AMD, not ARM, first to use startup's low-power clock IP
LONDON – Advanced Micro Devices Inc. has achieved the first commercial implementation of resonant clock mesh technology licensed from startup company Cyclos Semiconductor Inc.
Cyclos (Berkeley, Calif.) said that the AMD (Sunnyvale, Calif.) has used the power-saving clock distribution technology in x86-compatible processor cores destined for inclusion in Opteron server processors and client Accelerated Processing Units (APUs). Cyclos engaged with processor technology licensor ARM Holdings plc in the early years of its existence driving an expectation that an ARM processor core would be the first commercial demonstration of the technology.
However it is AMD's Piledriver 64-bit core, which operates at up to and in excess of 4-GHz clock frequency, that represents the first volume production-enabled implementation of resonant clock mesh technology, Cyclos said. Piledriver, fabricated in a 32-nm CMOS process, employs the resonant clocking to reduce clock distribution power by up to 24 percent, while maintaining previous clock-skew targets, Cylos said.
The Cyclos resonant clock mesh technology employs on-chip inductors arranged to interact with the large capacitance of the clock signal distribution network to form an oscillating "tank circuit." The result is that Cyclos inductors and clock control circuits "recycle" the clock power instead of dissipating it on every clock cycle as conventional clock tree implementations do. The result is a reduction in total IC power consumption of up to 10 percent, Cyclos said.

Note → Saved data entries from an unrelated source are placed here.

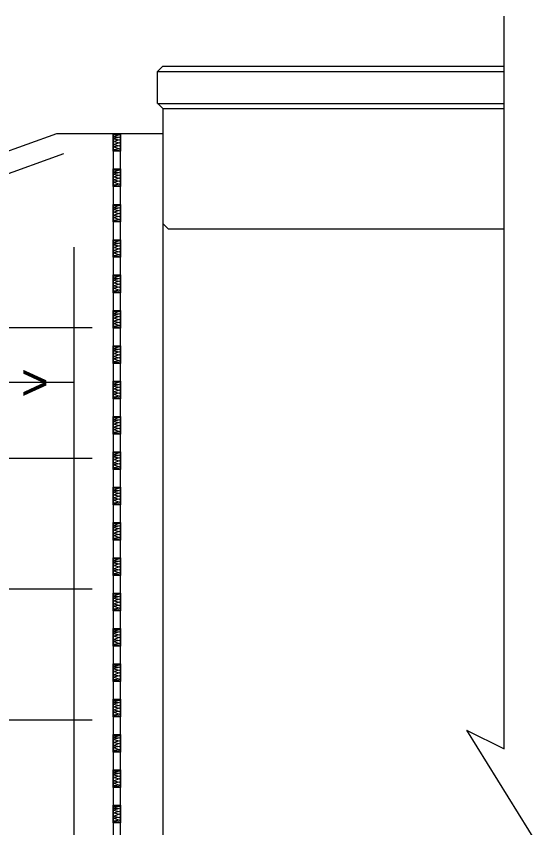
# Model space of a CAD drawing. Extents: x -0.08 to 2.83, y -0.03 to 1.92.
# Drawn here: x 0.8 to 0.9292, y 0.3319 to 0.5312 of the extents above; entities that cross this region are included whole.
import ezdxf

# ---------------------------------------------------------------- set-up
doc = ezdxf.new("R2010")
doc.units = 0
for name, color, linetype in [('1', 7, 'Continuous'), ('50', 7, 'Continuous'), ('51', 7, 'Continuous'), ('55', 7, 'Continuous')]:
    doc.layers.add(name, color=color, linetype=linetype)

msp = doc.modelspace()

# ---------------------------------------------------------------- linework, layer by layer
at = {"layer": '1'}
for points in [[(0.82387, 0.49802), (0.82387, 0.50235), (0.82561, 0.50235), (0.82561, 0.49802)], [(0.82387, 0.48934), (0.82387, 0.49368), (0.82561, 0.49368), (0.82561, 0.48934)], [(0.82387, 0.48066), (0.82387, 0.48499), (0.82561, 0.48499), (0.82561, 0.48066)], [(0.82387, 0.47198), (0.82387, 0.47631), (0.82561, 0.47631), (0.82561, 0.47198)], [(0.82387, 0.46329), (0.82387, 0.46764), (0.82561, 0.46764), (0.82561, 0.46329)], [(0.82387, 0.45462), (0.82387, 0.45895), (0.82561, 0.45895), (0.82561, 0.45462)], [(0.82387, 0.44594), (0.82387, 0.45027), (0.82561, 0.45027), (0.82561, 0.44594)], [(0.82387, 0.43725), (0.82387, 0.44159), (0.82561, 0.44159), (0.82561, 0.43725)], [(0.82387, 0.42858), (0.82387, 0.43291), (0.82561, 0.43291), (0.82561, 0.42858)], [(0.82387, 0.41989), (0.82387, 0.42423), (0.82561, 0.42423), (0.82561, 0.41989)], [(0.82387, 0.41121), (0.82387, 0.41555), (0.82561, 0.41555), (0.82561, 0.41121)], [(0.82387, 0.40254), (0.82387, 0.40687), (0.82561, 0.40687), (0.82561, 0.40254)], [(0.82387, 0.39385), (0.82387, 0.39819), (0.82561, 0.39819), (0.82561, 0.39385)], [(0.82387, 0.38517), (0.82387, 0.38951), (0.82561, 0.38951), (0.82561, 0.38517)], [(0.82387, 0.37649), (0.82387, 0.38083), (0.82561, 0.38083), (0.82561, 0.37649)], [(0.82387, 0.36781), (0.82387, 0.37214), (0.82561, 0.37214), (0.82561, 0.36781)], [(0.82387, 0.35913), (0.82387, 0.36347), (0.82561, 0.36347), (0.82561, 0.35913)], [(0.82387, 0.35045), (0.82387, 0.35479), (0.82561, 0.35479), (0.82561, 0.35045)], [(0.82387, 0.34177), (0.82387, 0.3461), (0.82561, 0.3461), (0.82561, 0.34177)], [(0.82387, 0.33309), (0.82387, 0.33743), (0.82561, 0.33743), (0.82561, 0.33309)]]:
    msp.add_lwpolyline(points, close=True, dxfattribs=at)
for points in [[(0.82398, 0.50211), (0.82551, 0.50213), (0.82398, 0.50161), (0.82534, 0.50149), (0.82403, 0.50109), (0.82531, 0.50082), (0.82406, 0.50041), (0.82527, 0.50012), (0.82406, 0.49967), (0.82537, 0.49934), (0.82401, 0.4991), (0.82537, 0.49861), (0.82409, 0.49838), (0.82531, 0.49826), (0.82525, 0.49824)], [(0.82398, 0.49343), (0.82551, 0.49344), (0.82398, 0.49293), (0.82534, 0.49281), (0.82403, 0.4924), (0.82531, 0.49214), (0.82406, 0.49174), (0.82527, 0.49144), (0.82406, 0.49099), (0.82537, 0.49066), (0.82401, 0.49043), (0.82537, 0.48993), (0.82409, 0.48969), (0.82531, 0.48958), (0.82525, 0.48956)], [(0.82398, 0.48475), (0.82551, 0.48477), (0.82398, 0.48424), (0.82534, 0.48413), (0.82403, 0.48373), (0.82531, 0.48346), (0.82406, 0.48305), (0.82527, 0.48276), (0.82406, 0.48231), (0.82537, 0.48199), (0.82401, 0.48174), (0.82537, 0.48125), (0.82409, 0.48101), (0.82531, 0.48089), (0.82525, 0.48088)], [(0.82398, 0.47607), (0.82551, 0.47609), (0.82398, 0.47557), (0.82534, 0.47545), (0.82403, 0.47504), (0.82531, 0.47478), (0.82406, 0.47437), (0.82527, 0.47408), (0.82406, 0.47363), (0.82537, 0.4733), (0.82401, 0.47306), (0.82537, 0.47257), (0.82409, 0.47234), (0.82531, 0.47222), (0.82525, 0.4722)], [(0.82398, 0.46739), (0.82551, 0.4674), (0.82398, 0.46689), (0.82534, 0.46677), (0.82403, 0.46636), (0.82531, 0.46609), (0.82406, 0.46569), (0.82527, 0.4654), (0.82406, 0.46495), (0.82537, 0.46462), (0.82401, 0.46439), (0.82537, 0.46389), (0.82409, 0.46365), (0.82531, 0.46354), (0.82525, 0.46352)], [(0.82398, 0.45871), (0.82551, 0.45873), (0.82398, 0.4582), (0.82534, 0.45809), (0.82403, 0.45769), (0.82531, 0.45742), (0.82406, 0.45701), (0.82527, 0.45672), (0.82406, 0.45627), (0.82537, 0.45594), (0.82401, 0.4557), (0.82537, 0.45521), (0.82409, 0.45497), (0.82531, 0.45485), (0.82525, 0.45484)], [(0.82398, 0.45003), (0.82551, 0.45004), (0.82398, 0.44953), (0.82534, 0.44941), (0.82403, 0.449), (0.82531, 0.44874), (0.82406, 0.44834), (0.82527, 0.44804), (0.82406, 0.44759), (0.82537, 0.44726), (0.82401, 0.44702), (0.82537, 0.44653), (0.82409, 0.44629), (0.82531, 0.44618), (0.82525, 0.44616)], [(0.82398, 0.44135), (0.82551, 0.44137), (0.82398, 0.44084), (0.82534, 0.44073), (0.82403, 0.44032), (0.82531, 0.44005), (0.82406, 0.43965), (0.82527, 0.43936), (0.82406, 0.43891), (0.82537, 0.43858), (0.82401, 0.43834), (0.82537, 0.43785), (0.82409, 0.43761), (0.82531, 0.43749), (0.82525, 0.43748)], [(0.82398, 0.43267), (0.82551, 0.43269), (0.82398, 0.43216), (0.82534, 0.43204), (0.82403, 0.43164), (0.82531, 0.43138), (0.82406, 0.43097), (0.82527, 0.43068), (0.82406, 0.43023), (0.82537, 0.4299), (0.82401, 0.42966), (0.82537, 0.42917), (0.82409, 0.42893), (0.82531, 0.42881), (0.82525, 0.42879)], [(0.82398, 0.42399), (0.82551, 0.424), (0.82398, 0.42349), (0.82534, 0.42337), (0.82403, 0.42296), (0.82531, 0.42269), (0.82406, 0.42229), (0.82527, 0.42199), (0.82406, 0.42154), (0.82537, 0.42122), (0.82401, 0.42098), (0.82537, 0.42049), (0.82409, 0.42025), (0.82531, 0.42014), (0.82525, 0.42012)], [(0.82398, 0.41531), (0.82551, 0.41533), (0.82398, 0.4148), (0.82534, 0.41469), (0.82403, 0.41428), (0.82531, 0.41401), (0.82406, 0.41361), (0.82527, 0.41332), (0.82406, 0.41287), (0.82537, 0.41254), (0.82401, 0.4123), (0.82537, 0.41181), (0.82409, 0.41157), (0.82531, 0.41145), (0.82525, 0.41144)], [(0.82398, 0.40663), (0.82551, 0.40664), (0.82398, 0.40612), (0.82534, 0.406), (0.82403, 0.4056), (0.82531, 0.40534), (0.82406, 0.40493), (0.82527, 0.40464), (0.82406, 0.40419), (0.82537, 0.40386), (0.82401, 0.40362), (0.82537, 0.40313), (0.82409, 0.40289), (0.82531, 0.40277), (0.82525, 0.40275)], [(0.82398, 0.39794), (0.82551, 0.39796), (0.82398, 0.39744), (0.82534, 0.39733), (0.82403, 0.39692), (0.82531, 0.39665), (0.82406, 0.39625), (0.82527, 0.39595), (0.82406, 0.3955), (0.82537, 0.39518), (0.82401, 0.39494), (0.82537, 0.39444), (0.82409, 0.39421), (0.82531, 0.39409), (0.82525, 0.39408)], [(0.82398, 0.38927), (0.82551, 0.38929), (0.82398, 0.38876), (0.82534, 0.38864), (0.82403, 0.38824), (0.82531, 0.38797), (0.82406, 0.38757), (0.82527, 0.38728), (0.82406, 0.38683), (0.82537, 0.38649), (0.82401, 0.38626), (0.82537, 0.38577), (0.82409, 0.38553), (0.82531, 0.38541), (0.82525, 0.38539)], [(0.82398, 0.38059), (0.82551, 0.3806), (0.82398, 0.38008), (0.82534, 0.37996), (0.82403, 0.37956), (0.82531, 0.37929), (0.82406, 0.37889), (0.82527, 0.37859), (0.82406, 0.37814), (0.82537, 0.37782), (0.82401, 0.37758), (0.82537, 0.37709), (0.82409, 0.37684), (0.82531, 0.37673), (0.82525, 0.37671)], [(0.82398, 0.3719), (0.82551, 0.37192), (0.82398, 0.3714), (0.82534, 0.37129), (0.82403, 0.37088), (0.82531, 0.37061), (0.82406, 0.37021), (0.82527, 0.36991), (0.82406, 0.36946), (0.82537, 0.36914), (0.82401, 0.36889), (0.82537, 0.3684), (0.82409, 0.36817), (0.82531, 0.36805), (0.82525, 0.36804)], [(0.82398, 0.36323), (0.82551, 0.36324), (0.82398, 0.36272), (0.82534, 0.3626), (0.82403, 0.36219), (0.82531, 0.36193), (0.82406, 0.36153), (0.82527, 0.36124), (0.82406, 0.36079), (0.82537, 0.36045), (0.82401, 0.36022), (0.82537, 0.35973), (0.82409, 0.35949), (0.82531, 0.35937), (0.82525, 0.35935)], [(0.82398, 0.35454), (0.82551, 0.35456), (0.82398, 0.35404), (0.82534, 0.35392), (0.82403, 0.35352), (0.82531, 0.35325), (0.82406, 0.35284), (0.82527, 0.35255), (0.82406, 0.3521), (0.82537, 0.35178), (0.82401, 0.35154), (0.82537, 0.35104), (0.82409, 0.3508), (0.82531, 0.35069), (0.82525, 0.35067)], [(0.82398, 0.34586), (0.82551, 0.34588), (0.82398, 0.34536), (0.82534, 0.34524), (0.82403, 0.34484), (0.82531, 0.34457), (0.82406, 0.34417), (0.82527, 0.34387), (0.82406, 0.34342), (0.82537, 0.34309), (0.82401, 0.34285), (0.82537, 0.34236), (0.82409, 0.34213), (0.82531, 0.34201), (0.82525, 0.34199)], [(0.82398, 0.33719), (0.82551, 0.3372), (0.82398, 0.33668), (0.82534, 0.33656), (0.82403, 0.33615), (0.82531, 0.33589), (0.82406, 0.33549), (0.82527, 0.33519), (0.82406, 0.33474), (0.82537, 0.33441), (0.82401, 0.33418), (0.82537, 0.33369), (0.82409, 0.33344), (0.82531, 0.33333), (0.82525, 0.33331)]]:
    msp.add_lwpolyline(points, dxfattribs=at)
at = {"layer": '50'}
for p, q in [((0.91992, 0.35121), (0.91992, 0.5312)), ((0.83601, 0.51892), (0.83469, 0.51759)), ((0.83601, 0.51892), (0.91992, 0.51892)), ((0.83467, 0.51761), (0.83467, 0.5098)), ((0.83467, 0.51761), (0.91992, 0.51761)), ((0.83601, 0.5085), (0.83469, 0.50982)), ((0.83474, 0.5098), (0.91992, 0.5098)), ((0.83601, 0.5085), (0.83601, 0.18731)), ((0.83601, 0.5085), (0.91992, 0.5085)), ((0.36956, 0.34269), (0.80997, 0.50242)), ((0.80997, 0.50242), (0.83601, 0.50242)), ((0.82386, 0.50242), (0.82386, 0.49773)), ((0.82559, 0.50242), (0.82559, 0.49773)), ((0.82559, 0.50192), (0.82559, 0.49773)), ((0.37071, 0.33757), (0.81174, 0.49752)), ((0.82386, 0.49773), (0.82386, 0.41832)), ((0.82559, 0.49773), (0.82559, 0.41832)), ((0.82386, 0.49374), (0.82386, 0.48904)), ((0.82559, 0.49374), (0.82559, 0.48904)), ((0.82559, 0.49324), (0.82559, 0.48904)), ((0.82386, 0.48904), (0.82386, 0.48829)), ((0.82559, 0.48904), (0.82559, 0.48829)), ((0.82386, 0.48569), (0.82386, 0.47961)), ((0.82386, 0.48505), (0.82386, 0.48036)), ((0.82559, 0.48569), (0.82559, 0.47961)), ((0.82559, 0.48505), (0.82559, 0.48036)), ((0.82559, 0.48456), (0.82559, 0.48036)), ((0.82386, 0.48036), (0.82386, 0.47961)), ((0.82559, 0.48036), (0.82559, 0.47961)), ((0.83731, 0.47899), (0.83601, 0.48028)), ((0.83731, 0.47899), (0.91992, 0.47899)), ((0.82386, 0.47701), (0.82386, 0.47093)), ((0.82386, 0.47701), (0.82386, 0.47093)), ((0.82559, 0.47701), (0.82559, 0.47093)), ((0.82559, 0.47701), (0.82559, 0.47093)), ((0.82386, 0.47638), (0.82386, 0.47169)), ((0.82559, 0.47638), (0.82559, 0.47169)), ((0.82559, 0.47588), (0.82559, 0.47169)), ((0.82386, 0.47169), (0.82386, 0.47093)), ((0.82559, 0.47169), (0.82559, 0.47093)), ((0.82386, 0.46834), (0.82386, 0.46224)), ((0.82386, 0.46834), (0.82386, 0.46224)), ((0.82386, 0.46834), (0.82386, 0.46224)), ((0.82386, 0.46769), (0.82386, 0.463)), ((0.82559, 0.46834), (0.82559, 0.46224)), ((0.82559, 0.46834), (0.82559, 0.46224)), ((0.82559, 0.46834), (0.82559, 0.46224)), ((0.82559, 0.46769), (0.82559, 0.463)), ((0.82559, 0.46719), (0.82559, 0.463)), ((0.82386, 0.463), (0.82386, 0.46224)), ((0.82559, 0.463), (0.82559, 0.46224)), ((0.82386, 0.45901), (0.82386, 0.45432)), ((0.82559, 0.45901), (0.82559, 0.45432)), ((0.82559, 0.45852), (0.82559, 0.45432)), ((0.82386, 0.45432), (0.82386, 0.45357)), ((0.82559, 0.45432), (0.82559, 0.45357)), ((0.82386, 0.45097), (0.82386, 0.44489)), ((0.82559, 0.45097), (0.82559, 0.44489)), ((0.82386, 0.45034), (0.82386, 0.44564)), ((0.82559, 0.45034), (0.82559, 0.44564)), ((0.82559, 0.44984), (0.82559, 0.44564)), ((0.82386, 0.44564), (0.82386, 0.44489)), ((0.82559, 0.44564), (0.82559, 0.44489)), ((0.82386, 0.44229), (0.82386, 0.4362)), ((0.82386, 0.44229), (0.82386, 0.4362)), ((0.82386, 0.44165), (0.82386, 0.43696)), ((0.82559, 0.44229), (0.82559, 0.4362)), ((0.82559, 0.44229), (0.82559, 0.4362)), ((0.82559, 0.44165), (0.82559, 0.43696)), ((0.82559, 0.44115), (0.82559, 0.43696)), ((0.82386, 0.43696), (0.82386, 0.4362)), ((0.82559, 0.43696), (0.82559, 0.4362)), ((0.82386, 0.43361), (0.82386, 0.42753)), ((0.82386, 0.43361), (0.82386, 0.42753)), ((0.82386, 0.43361), (0.82386, 0.42753)), ((0.82386, 0.43297), (0.82386, 0.42828)), ((0.82559, 0.43361), (0.82559, 0.42753)), ((0.82559, 0.43361), (0.82559, 0.42753)), ((0.82559, 0.43361), (0.82559, 0.42753)), ((0.82559, 0.43297), (0.82559, 0.42828)), ((0.82559, 0.43248), (0.82559, 0.42828)), ((0.82386, 0.42828), (0.82386, 0.42753)), ((0.82559, 0.42828), (0.82559, 0.42753)), ((0.82386, 0.42429), (0.82386, 0.4196)), ((0.82559, 0.42429), (0.82559, 0.4196)), ((0.82559, 0.42379), (0.82559, 0.4196)), ((0.82386, 0.4196), (0.82386, 0.41884)), ((0.82559, 0.4196), (0.82559, 0.41884)), ((0.82386, 0.41832), (0.82386, 0.18731)), ((0.82559, 0.41832), (0.82559, 0.18725)), ((0.82386, 0.41625), (0.82386, 0.41016)), ((0.82386, 0.41561), (0.82386, 0.41092)), ((0.82559, 0.41625), (0.82559, 0.41016)), ((0.82559, 0.41561), (0.82559, 0.41092)), ((0.82559, 0.41511), (0.82559, 0.41092)), ((0.82386, 0.41092), (0.82386, 0.41016)), ((0.82559, 0.41092), (0.82559, 0.41016)), ((0.82386, 0.40757), (0.82386, 0.40149)), ((0.82386, 0.40757), (0.82386, 0.40149)), ((0.82386, 0.40693), (0.82386, 0.40224)), ((0.82559, 0.40757), (0.82559, 0.40149)), ((0.82559, 0.40757), (0.82559, 0.40149)), ((0.82559, 0.40693), (0.82559, 0.40224)), ((0.82559, 0.40644), (0.82559, 0.40224)), ((0.82386, 0.40224), (0.82386, 0.40149)), ((0.82559, 0.40224), (0.82559, 0.40149)), ((0.82386, 0.39889), (0.82386, 0.3928)), ((0.82386, 0.39889), (0.82386, 0.3928)), ((0.82386, 0.39889), (0.82386, 0.3928)), ((0.82559, 0.39889), (0.82559, 0.3928)), ((0.82559, 0.39889), (0.82559, 0.3928)), ((0.82559, 0.39889), (0.82559, 0.3928)), ((0.82386, 0.39825), (0.82386, 0.39356)), ((0.82559, 0.39825), (0.82559, 0.39356)), ((0.82559, 0.39775), (0.82559, 0.39356)), ((0.82386, 0.39356), (0.82386, 0.3928)), ((0.82559, 0.39356), (0.82559, 0.3928)), ((0.82386, 0.38957), (0.82386, 0.38488)), ((0.82559, 0.38957), (0.82559, 0.38488)), ((0.82559, 0.38907), (0.82559, 0.38488)), ((0.82386, 0.38488), (0.82386, 0.38412)), ((0.82559, 0.38488), (0.82559, 0.38412)), ((0.82386, 0.38153), (0.82386, 0.37544)), ((0.82386, 0.38089), (0.82386, 0.37619)), ((0.82559, 0.38153), (0.82559, 0.37544)), ((0.82559, 0.38089), (0.82559, 0.37619)), ((0.82559, 0.38039), (0.82559, 0.37619)), ((0.82386, 0.37619), (0.82386, 0.37544)), ((0.82559, 0.37619), (0.82559, 0.37544)), ((0.82386, 0.37284), (0.82386, 0.36676)), ((0.82386, 0.37284), (0.82386, 0.36676)), ((0.82559, 0.37284), (0.82559, 0.36676)), ((0.82559, 0.37284), (0.82559, 0.36676)), ((0.82386, 0.37221), (0.82386, 0.36752)), ((0.82559, 0.37221), (0.82559, 0.36752)), ((0.82559, 0.37171), (0.82559, 0.36752)), ((0.82386, 0.36752), (0.82386, 0.36676)), ((0.82559, 0.36752), (0.82559, 0.36676)), ((0.82386, 0.36417), (0.82386, 0.35808)), ((0.82386, 0.36417), (0.82386, 0.35808)), ((0.82386, 0.36417), (0.82386, 0.35808)), ((0.82386, 0.36353), (0.82386, 0.35884)), ((0.82559, 0.36417), (0.82559, 0.35808)), ((0.82559, 0.36417), (0.82559, 0.35808)), ((0.82559, 0.36417), (0.82559, 0.35808)), ((0.82559, 0.36353), (0.82559, 0.35884)), ((0.82559, 0.36303), (0.82559, 0.35884)), ((0.82386, 0.35884), (0.82386, 0.35808)), ((0.82559, 0.35884), (0.82559, 0.35808)), ((0.82386, 0.35484), (0.82386, 0.35015)), ((0.82559, 0.35484), (0.82559, 0.35015)), ((0.82559, 0.35435), (0.82559, 0.35015)), ((0.82386, 0.35015), (0.82386, 0.3494)), ((0.82559, 0.35015), (0.82559, 0.3494)), ((0.82386, 0.3468), (0.82386, 0.34072)), ((0.82386, 0.34617), (0.82386, 0.34148)), ((0.82559, 0.3468), (0.82559, 0.34072)), ((0.82559, 0.34617), (0.82559, 0.34148)), ((0.82559, 0.34567), (0.82559, 0.34148)), ((0.82386, 0.34148), (0.82386, 0.34072)), ((0.82559, 0.34148), (0.82559, 0.34072)), ((0.82386, 0.33813), (0.82386, 0.33204)), ((0.82386, 0.33813), (0.82386, 0.33204)), ((0.82386, 0.33749), (0.82386, 0.33279)), ((0.82559, 0.33813), (0.82559, 0.33204)), ((0.82559, 0.33813), (0.82559, 0.33204)), ((0.82559, 0.33749), (0.82559, 0.33279)), ((0.82559, 0.33699), (0.82559, 0.33279)), ((0.82386, 0.33279), (0.82386, 0.33204)), ((0.82559, 0.33279), (0.82559, 0.33204))]:
    msp.add_line(p, q, dxfattribs=at)
at = {"layer": '51'}
for p, q in [((0.81422, 0.16127), (0.81422, 0.47444)), ((0.81865, 0.45467), (0.68924, 0.45467)), ((0.81865, 0.42255), (0.6013, 0.42255)), ((0.81865, 0.39044), (0.51335, 0.39044)), ((0.81865, 0.35832), (0.42799, 0.35832))]:
    msp.add_line(p, q, dxfattribs=at)
at = {"layer": '55'}
for p, q in [((0.70674, 0.44133), (0.81422, 0.44133)), ((0.91067, 0.35583), (0.91992, 0.35121)), ((0.91067, 0.35583), (0.92917, 0.326))]:
    msp.add_line(p, q, dxfattribs=at)

# ---------------------------------------------------------------- texts
msp.add_text('>', height=0.00868, dxfattribs=at).set_placement((0.8012, 0.43699))
msp.add_text('>', height=0.00868, dxfattribs=at).set_placement((0.8012, 0.43699))

doc.saveas('drawing.dxf')

Cyclos was founded in 2006 as a spin out of the University of Michigan. The company is now based in Berkeley, California with an office in Ann Arbor, Michigan. Cyclos licenses resonant clock mesh semiconductor IP, design automation tools, and provides consulting services for resonant clock mesh design. Cyclos announced a proof of concept processor implementation based on the ARM926EJ-processor in 2008 under the name "Project Elizabeth" along with the availability of design tool support.
"We were able to seamlessly integrate the Cyclos IP into our existing clock mesh design process so there was no risk to our development schedule," said Samuel Naffziger, corporate fellow at AMD, in a statement issued by Cyclos. "Silicon results met our power reduction expectations, we incurred no increase in silicon area, and we were able to use our standard manufacturing process, so the investment and risk in adopting resonant clock mesh technology was well worth it as all of our customers are clamoring for more energy efficient processor designs."
In the same statement, Linley Gwennap, principal analyst of The Linley Group, said: "This announcement proves that the Cyclos resonant clock mesh technology provides meaningful power savings in real-world products. We expect other processor designers to adopt the Cyclos technology in applications where power reduction is important."
The company is led by Marios Papaefthymiou, founder and president; Alexander Ishii, vice president of engineering; and Dan Ganousis, vice president of business development.
"We believe resonant clock mesh design will be a key enabler for GHz+ embedded processor IP blocks in next generation SoCs that also require ultra-low power consumption," said Papaefthymiou, in the company's statement.